When we compared the specific sites produced with each variant caller, we found a large degree of overlap among most programs (60%) in both the total sites a program called (Fig. S3,5,7), and as well in the error-free sites a program called (Fig. 1, S9-10). The sites where each caller made genotyping errors, however, were largely specific to the caller used (Fig. 1, S9-10), suggesting that the processes by which each caller makes errors differ mechanistically. Taken together, the high degree of overlap among callers in correctly called sites and the low degree of overlap in erroneously called sites (Fig. 1, S9-10), suggests that the practice of calling sites with multiple different variant caller tools and using only the SNPs common to all tools may be a highly effective method to improve accuracy. However, while this may reduce error rates, taking the intersection across multiple tools will result in a smaller number of SNPs called.
Across all callers, we found that filtering by QUAL, DP, or GQ gave the best results in terms of reducing by-genotype error rates in our dataset (Fig. 3; also see Supp. Mat.). For those using GATK callers and investigating non-model organisms where VQSR is not applicable, these three metrics may offer the best returns on increasing filtering stringency. While the majority of the GATK filtering metrics did not perform optimally on our data, it should be noted that our results represent a comparison performed on one single dataset and that results may vary with other input data. For other variant calling programs, our results suggest that substantial improvements in error rate can be achieved solely through filtering with QUAL, DP, and/or GQ only.

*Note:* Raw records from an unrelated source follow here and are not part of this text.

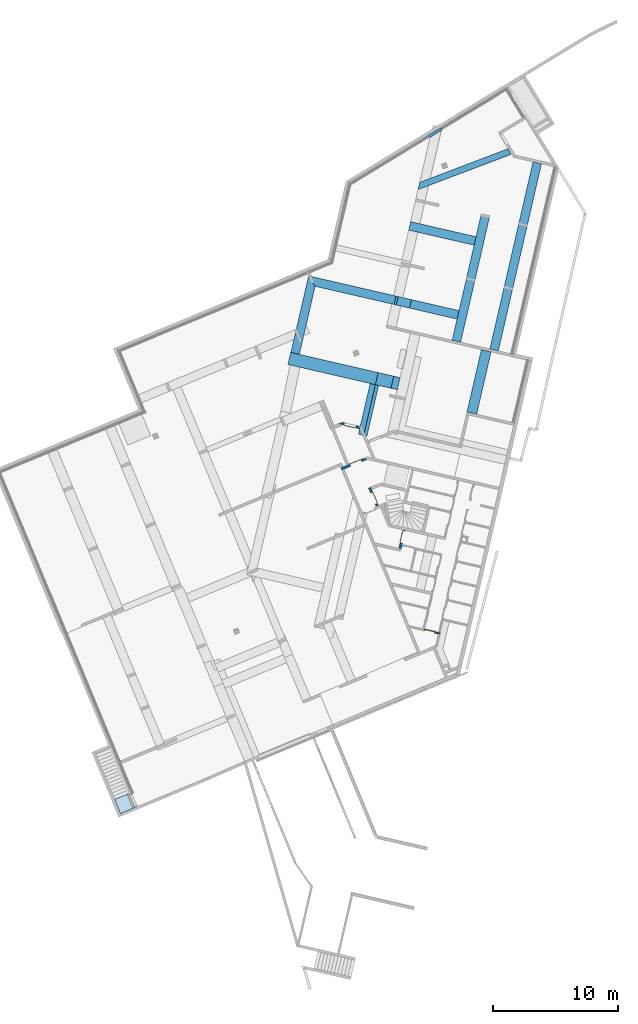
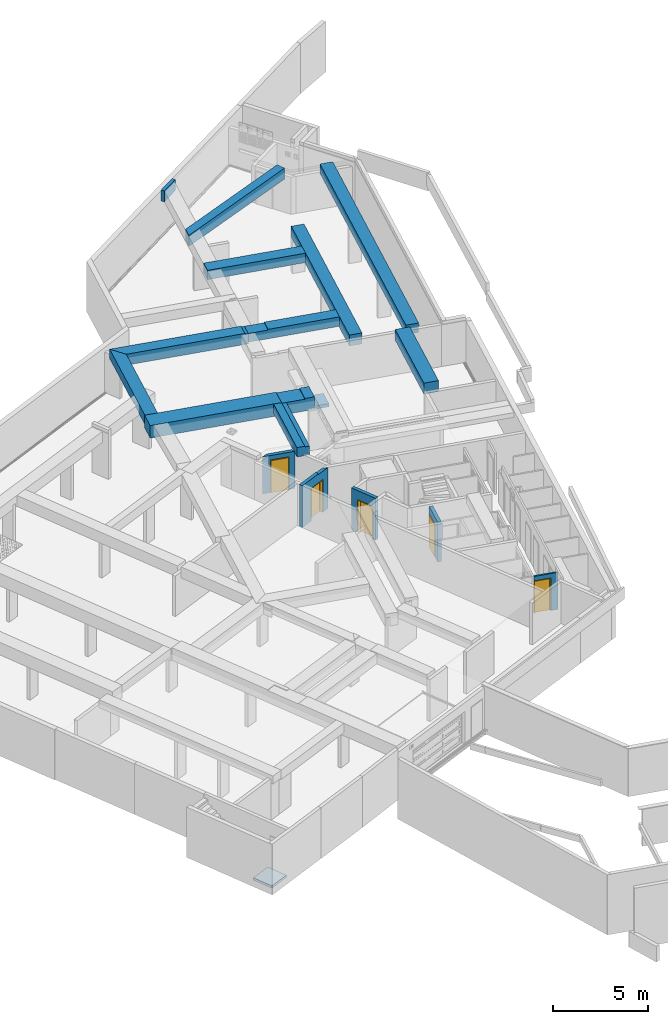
# One storey, part 1 of 20: 11 beams, 5 doors, 5 walls, 1 slab, 5 openings.
"""IFC2X3 building model written with IfcOpenShell, lengths in metres."""

from ifc_helpers import new_model, entity, si_unit, converted_unit, derived_unit, money_unit, direction, frame, origin_with_axes, place, context, subcontext, project, spatial, faceted_brep, source, transform, mapped, material, type_object, element, fill, save


model = new_model("IFC2X3")

# Units and contexts
model_context = context("Model", 3, precision=1e-05, world=origin_with_axes(), true_north=direction((0.0, 1.0)))
body_context = subcontext(model_context, "Body", "Model", "MODEL_VIEW")
ifc_project = project(units=[si_unit("LENGTHUNIT", "METRE"), si_unit("AREAUNIT", "SQUARE_METRE"), si_unit("VOLUMEUNIT", "CUBIC_METRE"), converted_unit("PLANEANGLEUNIT", "DEGREE", entity("IfcPlaneAngleMeasure", 0.0174532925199), si_unit("PLANEANGLEUNIT", "RADIAN"), dimensions=[0, 0, 0, 0, 0, 0, 0]), si_unit("SOLIDANGLEUNIT", "STERADIAN"), money_unit("EUR"), converted_unit("TIMEUNIT", "Year", entity("IfcTimeMeasure", 31556926.0), si_unit("TIMEUNIT", "SECOND"), dimensions=[0, 0, 1, 0, 0, 0, 0]), si_unit("MASSUNIT", "GRAM", prefix="KILO"), si_unit("THERMODYNAMICTEMPERATUREUNIT", "DEGREE_CELSIUS"), si_unit("LUMINOUSINTENSITYUNIT", "LUMEN"), si_unit("ENERGYUNIT", "JOULE", prefix="MEGA"), derived_unit("THERMALCONDUCTANCEUNIT", [(si_unit("POWERUNIT", "WATT"), 1), (si_unit("LENGTHUNIT", "METRE"), -1), (si_unit("THERMODYNAMICTEMPERATUREUNIT", "KELVIN"), -1)]), derived_unit("SPECIFICHEATCAPACITYUNIT", [(si_unit("ENERGYUNIT", "JOULE"), 1), (si_unit("MASSUNIT", "GRAM", prefix="KILO"), -1), (si_unit("THERMODYNAMICTEMPERATUREUNIT", "KELVIN"), -1)]), derived_unit("MASSDENSITYUNIT", [(si_unit("MASSUNIT", "GRAM", prefix="KILO"), 1), (si_unit("VOLUMEUNIT", "CUBIC_METRE"), -1)])], contexts=[model_context])

# Site, building, storey
site_placement = place(None, origin_with_axes())
site = spatial("IfcSite", under=ifc_project, at=site_placement, Name="Site", CompositionType="ELEMENT")
building_placement = place(site_placement, origin_with_axes())
building = spatial("IfcBuilding", under=site, at=building_placement, Name="Bâtiment", CompositionType="ELEMENT")
storey_placement = place(building_placement, frame((0.0, 0.0, -2.9), z_axis=(0.0, 0.0, 1.0), x_axis=(1.0, 0.0, 0.0)))
storey = spatial("IfcBuildingStorey", under=building, at=storey_placement, Name="Sous-sol", CompositionType="ELEMENT", Elevation=-2.9)

# Beams
ifc_material_1 = material(Name="Béton")
beam_type_1 = type_object("IfcBeamType", Name="Béton 700 x 700", PredefinedType="BEAM")
beam_1_placement = place(storey_placement, frame((-1.43509229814, 15.571520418, 2.9), z_axis=(0.0, 0.0, 1.0), x_axis=(-0.974387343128, 0.224876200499, 0.0)))
element("IfcBeam", 1, at=beam_1_placement, inside=storey, type_object=beam_type_1, material=ifc_material_1, Name="PoBA-002", ObjectType="BEAM", context=body_context, shape_type="Brep", body=[
    faceted_brep([(0.35, 10.4069999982, -0.7), (0.35, 0.0, -0.7), (-0.35, 0.0, -0.7), (-0.35, 10.4069999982, -0.7), (0.35, 10.4069999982, 0.0), (0.35, 0.0, 0.0), (-0.35, 0.0, 0.0), (-0.35, 10.4069999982, 0.0)], [[[0, 1, 2, 3]], [[4, 5, 1, 0]], [[1, 5, 6, 2]], [[3, 2, 6, 7]], [[7, 4, 0, 3]], [[7, 6, 5, 4]]]),
])
beam_2_placement = place(storey_placement, frame((-15.3704255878, 10.258411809, 2.9), z_axis=(0.0, 0.0, 1.0), x_axis=(-0.224876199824, -0.974387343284, 0.0)))
element("IfcBeam", 2, at=beam_2_placement, inside=storey, type_object=beam_type_1, material=ifc_material_1, Name="PoBA-002", ObjectType="BEAM", context=body_context, shape_type="Brep", body=[
    faceted_brep([(-0.35, -0.349999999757, 0.0), (-0.35, 6.84643540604, 0.0), (-0.35, 6.84643540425, -0.045), (-0.35, 7.03143540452, -0.045), (-0.35, 7.03143540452, -0.7), (-0.35, -0.349999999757, -0.7), (0.35, 0.349999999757, 0.0), (0.35, 6.84643540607, 0.0), (0.35, 6.84643540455, -0.045), (0.35, 7.03143540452, -0.045), (0.35, 7.03143540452, -0.7), (0.35, 0.349999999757, -0.7)], [[[0, 1, 2, 3, 4, 5]], [[6, 7, 1, 0]], [[8, 2, 1, 7]], [[8, 9, 3, 2]], [[4, 3, 9, 10]], [[11, 5, 4, 10]], [[6, 0, 5, 11]], [[9, 8, 7, 6, 11, 10]]]),
])
beam_type_2 = type_object("IfcBeamType", Name="Béton 700 x 600", PredefinedType="BEAM")
beam_3_placement = place(storey_placement, frame((2.7107983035, 19.7461311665, 2.9), z_axis=(0.0, 0.0, 1.0), x_axis=(-0.974387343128, 0.224876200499, 0.0)))
element("IfcBeam", 3, at=beam_3_placement, inside=storey, type_object=beam_type_2, material=ifc_material_1, Name="PoBA-002", ObjectType="BEAM", context=body_context, shape_type="Brep", body=[
    faceted_brep([(0.35, 15.4070000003, -0.6), (0.35, 0.0, -0.6), (-0.35, 0.0, -0.6), (-0.35, 15.4070000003, -0.6), (0.35, 15.4070000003, 0.0), (0.35, 0.0, 0.0), (-0.35, 0.0, 0.0), (-0.35, 15.4070000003, 0.0)], [[[0, 1, 2, 3]], [[4, 5, 1, 0]], [[1, 5, 6, 2]], [[3, 2, 6, 7]], [[7, 4, 0, 3]], [[7, 6, 5, 4]]]),
])
beam_4_placement = place(storey_placement, frame((-10.2428967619, 2.45279508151, 2.9), z_axis=(0.0, 0.0, 1.0), x_axis=(-0.974387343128, 0.224876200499, 0.0)))
element("IfcBeam", 4, at=beam_4_placement, inside=storey, type_object=beam_type_2, material=ifc_material_1, Name="PoBA-002", ObjectType="BEAM", context=body_context, shape_type="Brep", body=[
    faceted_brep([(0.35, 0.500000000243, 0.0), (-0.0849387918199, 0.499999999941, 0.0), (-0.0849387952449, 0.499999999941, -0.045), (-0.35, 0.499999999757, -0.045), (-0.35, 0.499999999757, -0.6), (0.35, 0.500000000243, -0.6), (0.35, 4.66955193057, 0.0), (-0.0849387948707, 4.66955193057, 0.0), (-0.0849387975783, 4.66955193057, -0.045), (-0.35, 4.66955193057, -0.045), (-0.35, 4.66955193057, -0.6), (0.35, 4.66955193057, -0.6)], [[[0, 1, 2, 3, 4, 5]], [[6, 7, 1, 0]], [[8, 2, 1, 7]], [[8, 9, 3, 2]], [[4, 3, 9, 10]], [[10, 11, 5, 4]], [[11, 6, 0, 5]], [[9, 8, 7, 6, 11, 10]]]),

Our study provides a quantitative assessment of the accuracy of some of the more popular variant caller programs and their commonly used filtering metrics; however, it comes with three main caveats. Our analysis was performed on a linkage mapping population and as such our results may differ from similar analyses performed on natural populations. For example, a variant caller that is predicated on sample allele frequencies being in Hardy-Weinberg equilibrium will have biased error rates when used on a linkage mapping population where allele frequencies are expected to be 0, 0.5, or 1. As such, it would be valuable to repeat our comparison of variant callers on natural populations in the future. Secondly, because a P. contorareference genome does not yet exist, we aligned our reads against the best available but highly fragmented congeneric loblolly pine (P. taeda ) reference genome. Any differentiation or lack of synteny betweenP. contorta and P. taeda , as well as any assembly errors in the loblolly pine reference genome may have influenced our results. The option to use the reference genome of the correct study species, the quality of that genome, and whether or not the study species is model will all likely have important effects on results. Finally, we chose to include VarScan in our analysis as it is currently a popular variant calling tool, however, VarScan can only call diploid genotypes. As such, all of our VarScan results are diploid genotype calls from haploid input data and should be interpreted with some caution.